Letter by Xia Regarding Article, “High-Density Lipoproteins and Their Constituent, Sphingosine-1-Phosphate, Directly Protect the Heart Against Ischemia/Reperfusion Injury In Vivo via the S1P3 Lysophospholipid Receptor”
To the Editor:
I read with interest the study by Theilmeier and colleagues1 reporting that high-density lipoproteins (HDL) and their constituent, sphingosine 1-phosphate (S1P), directly protect the heart against ischemia/reperfusion injury via the S1P3 receptor. From their observations, the authors conclude that S1P/S1P3 are responsible for the atheroprotective effects of HDL.

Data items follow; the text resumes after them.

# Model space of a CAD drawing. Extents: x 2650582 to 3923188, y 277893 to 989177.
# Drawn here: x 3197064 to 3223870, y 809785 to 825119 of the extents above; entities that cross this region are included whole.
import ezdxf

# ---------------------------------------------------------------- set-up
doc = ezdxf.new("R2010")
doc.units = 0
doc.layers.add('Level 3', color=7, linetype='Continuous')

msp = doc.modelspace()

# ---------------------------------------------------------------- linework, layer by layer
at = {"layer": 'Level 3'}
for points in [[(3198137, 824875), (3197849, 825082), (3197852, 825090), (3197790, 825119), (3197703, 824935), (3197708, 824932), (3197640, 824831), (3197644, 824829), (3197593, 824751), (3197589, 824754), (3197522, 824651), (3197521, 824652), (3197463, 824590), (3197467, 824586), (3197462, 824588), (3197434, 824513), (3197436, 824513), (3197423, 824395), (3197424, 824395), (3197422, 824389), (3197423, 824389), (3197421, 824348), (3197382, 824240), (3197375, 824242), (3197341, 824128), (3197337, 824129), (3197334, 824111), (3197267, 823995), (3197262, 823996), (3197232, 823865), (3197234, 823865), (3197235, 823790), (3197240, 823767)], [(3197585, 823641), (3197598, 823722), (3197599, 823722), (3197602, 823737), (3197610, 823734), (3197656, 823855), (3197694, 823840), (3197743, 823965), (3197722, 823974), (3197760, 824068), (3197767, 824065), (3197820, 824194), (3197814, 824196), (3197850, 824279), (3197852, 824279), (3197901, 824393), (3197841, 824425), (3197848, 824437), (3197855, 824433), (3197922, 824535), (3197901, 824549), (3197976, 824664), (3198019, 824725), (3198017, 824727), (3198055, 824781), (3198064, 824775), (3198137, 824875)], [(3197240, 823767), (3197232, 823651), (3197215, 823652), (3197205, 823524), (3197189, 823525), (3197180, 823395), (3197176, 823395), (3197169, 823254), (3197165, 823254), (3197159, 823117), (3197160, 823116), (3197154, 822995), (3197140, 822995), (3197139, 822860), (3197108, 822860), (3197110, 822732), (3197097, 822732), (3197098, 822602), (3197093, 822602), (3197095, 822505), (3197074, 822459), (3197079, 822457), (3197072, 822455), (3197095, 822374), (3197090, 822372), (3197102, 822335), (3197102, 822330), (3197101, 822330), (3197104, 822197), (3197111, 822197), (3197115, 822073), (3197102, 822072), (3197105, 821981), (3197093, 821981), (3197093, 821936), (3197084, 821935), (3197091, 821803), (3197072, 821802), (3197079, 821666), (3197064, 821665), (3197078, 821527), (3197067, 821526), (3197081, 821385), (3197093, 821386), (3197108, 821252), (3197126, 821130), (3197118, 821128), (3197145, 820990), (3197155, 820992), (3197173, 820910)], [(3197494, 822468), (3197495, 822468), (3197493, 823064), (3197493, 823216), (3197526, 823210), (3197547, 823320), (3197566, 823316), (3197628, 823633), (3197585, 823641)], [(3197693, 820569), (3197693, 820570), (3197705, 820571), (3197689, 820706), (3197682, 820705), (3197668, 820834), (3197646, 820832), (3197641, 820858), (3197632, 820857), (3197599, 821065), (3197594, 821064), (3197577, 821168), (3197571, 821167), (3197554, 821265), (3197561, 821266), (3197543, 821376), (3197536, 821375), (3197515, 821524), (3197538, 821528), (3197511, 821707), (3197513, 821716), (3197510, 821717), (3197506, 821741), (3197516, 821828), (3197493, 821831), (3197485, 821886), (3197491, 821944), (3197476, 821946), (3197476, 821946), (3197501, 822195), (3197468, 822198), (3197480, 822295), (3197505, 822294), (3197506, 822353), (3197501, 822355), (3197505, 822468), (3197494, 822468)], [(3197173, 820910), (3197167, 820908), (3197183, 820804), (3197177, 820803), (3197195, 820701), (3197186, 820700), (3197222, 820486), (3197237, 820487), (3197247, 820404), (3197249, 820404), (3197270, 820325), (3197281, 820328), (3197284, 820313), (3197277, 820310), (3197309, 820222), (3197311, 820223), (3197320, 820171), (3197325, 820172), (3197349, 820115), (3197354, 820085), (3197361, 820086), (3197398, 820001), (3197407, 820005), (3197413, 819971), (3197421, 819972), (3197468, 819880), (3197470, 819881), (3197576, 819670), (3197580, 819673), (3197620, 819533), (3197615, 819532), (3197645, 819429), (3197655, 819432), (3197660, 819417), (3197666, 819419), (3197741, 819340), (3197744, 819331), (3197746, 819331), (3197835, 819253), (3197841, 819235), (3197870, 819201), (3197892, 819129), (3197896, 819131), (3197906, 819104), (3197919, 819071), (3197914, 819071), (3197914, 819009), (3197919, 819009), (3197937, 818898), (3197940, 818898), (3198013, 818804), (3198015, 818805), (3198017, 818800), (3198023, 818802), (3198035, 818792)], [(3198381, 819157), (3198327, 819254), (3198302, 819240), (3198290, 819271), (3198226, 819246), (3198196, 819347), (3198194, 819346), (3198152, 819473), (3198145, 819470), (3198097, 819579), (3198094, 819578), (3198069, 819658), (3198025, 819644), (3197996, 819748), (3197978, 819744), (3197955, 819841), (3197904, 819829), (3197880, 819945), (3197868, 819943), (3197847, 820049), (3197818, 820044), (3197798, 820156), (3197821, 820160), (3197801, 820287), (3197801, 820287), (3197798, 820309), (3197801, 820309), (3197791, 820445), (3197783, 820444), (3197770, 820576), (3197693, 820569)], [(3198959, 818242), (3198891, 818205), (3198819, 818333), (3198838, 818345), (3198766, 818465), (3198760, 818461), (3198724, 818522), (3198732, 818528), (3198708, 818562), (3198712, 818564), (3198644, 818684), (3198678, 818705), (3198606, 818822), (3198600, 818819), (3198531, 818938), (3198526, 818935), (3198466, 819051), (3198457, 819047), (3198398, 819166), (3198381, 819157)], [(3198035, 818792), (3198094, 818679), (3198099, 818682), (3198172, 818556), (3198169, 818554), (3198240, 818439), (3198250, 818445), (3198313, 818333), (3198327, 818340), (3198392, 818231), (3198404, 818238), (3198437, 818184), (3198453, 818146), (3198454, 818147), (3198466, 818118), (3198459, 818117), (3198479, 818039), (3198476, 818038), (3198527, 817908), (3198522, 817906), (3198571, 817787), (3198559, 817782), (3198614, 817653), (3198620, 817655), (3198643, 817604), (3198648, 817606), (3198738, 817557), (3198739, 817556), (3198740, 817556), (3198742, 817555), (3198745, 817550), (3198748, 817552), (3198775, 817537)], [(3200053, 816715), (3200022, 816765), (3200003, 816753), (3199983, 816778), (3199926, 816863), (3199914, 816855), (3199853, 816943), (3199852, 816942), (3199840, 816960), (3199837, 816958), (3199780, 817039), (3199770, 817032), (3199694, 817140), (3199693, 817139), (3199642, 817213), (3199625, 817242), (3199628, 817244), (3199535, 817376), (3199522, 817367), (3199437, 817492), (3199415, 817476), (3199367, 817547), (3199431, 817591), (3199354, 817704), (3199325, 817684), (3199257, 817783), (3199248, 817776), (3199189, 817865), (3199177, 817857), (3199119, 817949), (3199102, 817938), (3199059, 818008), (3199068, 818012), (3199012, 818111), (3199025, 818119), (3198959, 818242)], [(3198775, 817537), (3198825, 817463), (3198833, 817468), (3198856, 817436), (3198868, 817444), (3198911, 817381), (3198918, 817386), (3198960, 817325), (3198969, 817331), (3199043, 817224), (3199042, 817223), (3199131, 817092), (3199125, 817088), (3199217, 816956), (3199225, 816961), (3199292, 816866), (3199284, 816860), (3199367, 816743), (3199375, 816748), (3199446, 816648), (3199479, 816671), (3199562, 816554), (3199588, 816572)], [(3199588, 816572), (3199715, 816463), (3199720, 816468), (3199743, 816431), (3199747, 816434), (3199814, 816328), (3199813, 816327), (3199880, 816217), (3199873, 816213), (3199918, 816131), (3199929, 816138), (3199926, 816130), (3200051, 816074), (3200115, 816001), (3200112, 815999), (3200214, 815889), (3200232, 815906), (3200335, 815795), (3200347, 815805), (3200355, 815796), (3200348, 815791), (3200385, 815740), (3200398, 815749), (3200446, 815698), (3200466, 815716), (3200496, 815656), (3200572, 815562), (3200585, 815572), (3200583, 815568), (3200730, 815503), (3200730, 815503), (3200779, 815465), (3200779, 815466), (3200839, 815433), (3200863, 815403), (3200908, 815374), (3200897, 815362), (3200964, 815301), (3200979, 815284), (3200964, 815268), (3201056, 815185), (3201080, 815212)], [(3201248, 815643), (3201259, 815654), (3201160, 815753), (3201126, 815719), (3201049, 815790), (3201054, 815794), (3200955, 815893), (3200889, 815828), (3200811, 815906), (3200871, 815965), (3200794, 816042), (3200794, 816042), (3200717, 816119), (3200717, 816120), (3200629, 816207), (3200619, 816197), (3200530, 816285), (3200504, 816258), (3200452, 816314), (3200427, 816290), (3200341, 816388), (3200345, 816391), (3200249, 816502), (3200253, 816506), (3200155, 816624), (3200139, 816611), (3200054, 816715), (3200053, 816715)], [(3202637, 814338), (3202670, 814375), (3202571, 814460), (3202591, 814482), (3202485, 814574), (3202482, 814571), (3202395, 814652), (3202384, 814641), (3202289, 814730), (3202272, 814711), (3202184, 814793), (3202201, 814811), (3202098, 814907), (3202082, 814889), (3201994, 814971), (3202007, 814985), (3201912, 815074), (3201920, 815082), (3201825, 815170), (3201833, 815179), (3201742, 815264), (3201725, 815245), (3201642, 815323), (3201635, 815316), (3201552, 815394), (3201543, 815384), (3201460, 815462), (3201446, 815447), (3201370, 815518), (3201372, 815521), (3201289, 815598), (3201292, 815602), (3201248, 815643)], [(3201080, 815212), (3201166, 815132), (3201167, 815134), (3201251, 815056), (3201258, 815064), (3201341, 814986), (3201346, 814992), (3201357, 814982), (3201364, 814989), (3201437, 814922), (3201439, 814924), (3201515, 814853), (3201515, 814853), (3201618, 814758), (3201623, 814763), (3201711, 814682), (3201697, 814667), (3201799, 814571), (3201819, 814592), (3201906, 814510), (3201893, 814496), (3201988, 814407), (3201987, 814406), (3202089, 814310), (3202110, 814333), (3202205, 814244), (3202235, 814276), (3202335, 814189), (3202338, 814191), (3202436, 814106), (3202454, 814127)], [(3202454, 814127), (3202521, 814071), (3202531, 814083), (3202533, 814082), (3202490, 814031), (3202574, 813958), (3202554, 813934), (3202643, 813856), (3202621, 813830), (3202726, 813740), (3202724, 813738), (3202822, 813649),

S1P is constitutively present in plasma or serum at a concentration that is 20- to 100-fold higher than its Kd value to the receptors, with more than 50% of the S1P bound to HDL.2 In this respect, HDL could function either as a carrier of S1P to facilitate its bioactivity or as a scavenger to neutralize it. Indeed, S1P bound to HDL has been shown to be both biologically active and inactive under various circumstances. Interestingly, S1P also seems to have opposing effects that mediate anti- or proinflammatory and vasorelaxant or vasoconstrictive reactions in vasculature.3 This is thought to depend on the differential expression/function of the cell-surface S1P-receptor subtypes and undefined intracellular effectors of S1P. Additionally, reconstituted HDL that does not contain S1P has antiatherogenic and antiinflammatory effects similar to those of native HDL, both in vitro and in vivo. Furthermore, we found that adhesion molecule expression, induced by 2 to 5 μmol/L S1P, was inhibited by either reconstituted or native HDL,4 suggesting that S1P is not required for the antiinflammatory effect of HDL.
To accept the concept that HDL functions through the S1P/S1P3 signaling pathway, as proposed by Theilmeier et al,1 a number of questions require further attention. First, is there a significant change in the levels and/or the bioactivity of S1P in blood after a single intravenous administration of HDL or even S1P? S1P has a short half-life (approximately 2 hours) and is easily degraded. Second, is HDL-bound S1P able to bind to and activate S1P3 directly? Third, does a deficiency of S1P3 per se influence the reperfusion injury in S1P3-/- mice? Finally, why does S1P that decreases myocardial perfusion, as the authors have previously reported,5 have a similar protective effect against reperfusion injury as HDL, which increases myocardial perfusion, through the same S1P3 receptor? By addressing these questions, we may obtain a greater understanding of the role of S1P/S1P3 in atheroprotection and of its involvement in the functional properties of HDL—namely, are they carriers or scavengers of S1P?
Theilmeier G, Schmidt C, Herrmann J, Keul P, Schafers M, Herrgott I, Mersmann J, Larmann J, Hermann S, Stypmann J, Schober O, Hildebrand R, Schulz R, Heusch G, Haude M, von Wnuck Lipinski K, Herzog C, Schmitz M, Erbel R, Chun J, Levkau B. High-density lipoproteins and their constituent, sphingosine-1-phosphate, directly protect the heart against ischemia/reperfusion injury in vivo via the S1P3 lysophospholipid receptor. Circulation. 2006; 114: 1403–1409.
Murata N, Sato K, Kon J, Tomura H, Yanagita M, Kuwabara A, Ui M, Okajima F. Interaction of sphingosine 1-phosphate with plasma components, including lipoproteins, regulates the lipid receptor-mediated actions. Biochem J. 2000; 352: 809–815.
Saba JD, Hla T. Point-counterpoint of sphingosine 1-phosphate metabolism. Circ Res. 2004; 94: 724–734.
Xia P, Vadas MA, Rye KA, Barter PJ, Gamble JR. High density lipoproteins (HDL) interrupt the sphingosine kinase signaling pathway. A possible mechanism for protection against atherosclerosis by HDL. J Biol Chem. 1999; 274: 33143–33147.
Levkau B, Hermann S, Theilmeier G, van der Giet M, Chun J, Schober O, Schafers M. High-density lipoprotein stimulates myocardial perfusion in vivo. Circulation. 2004; 110: 3355–3359.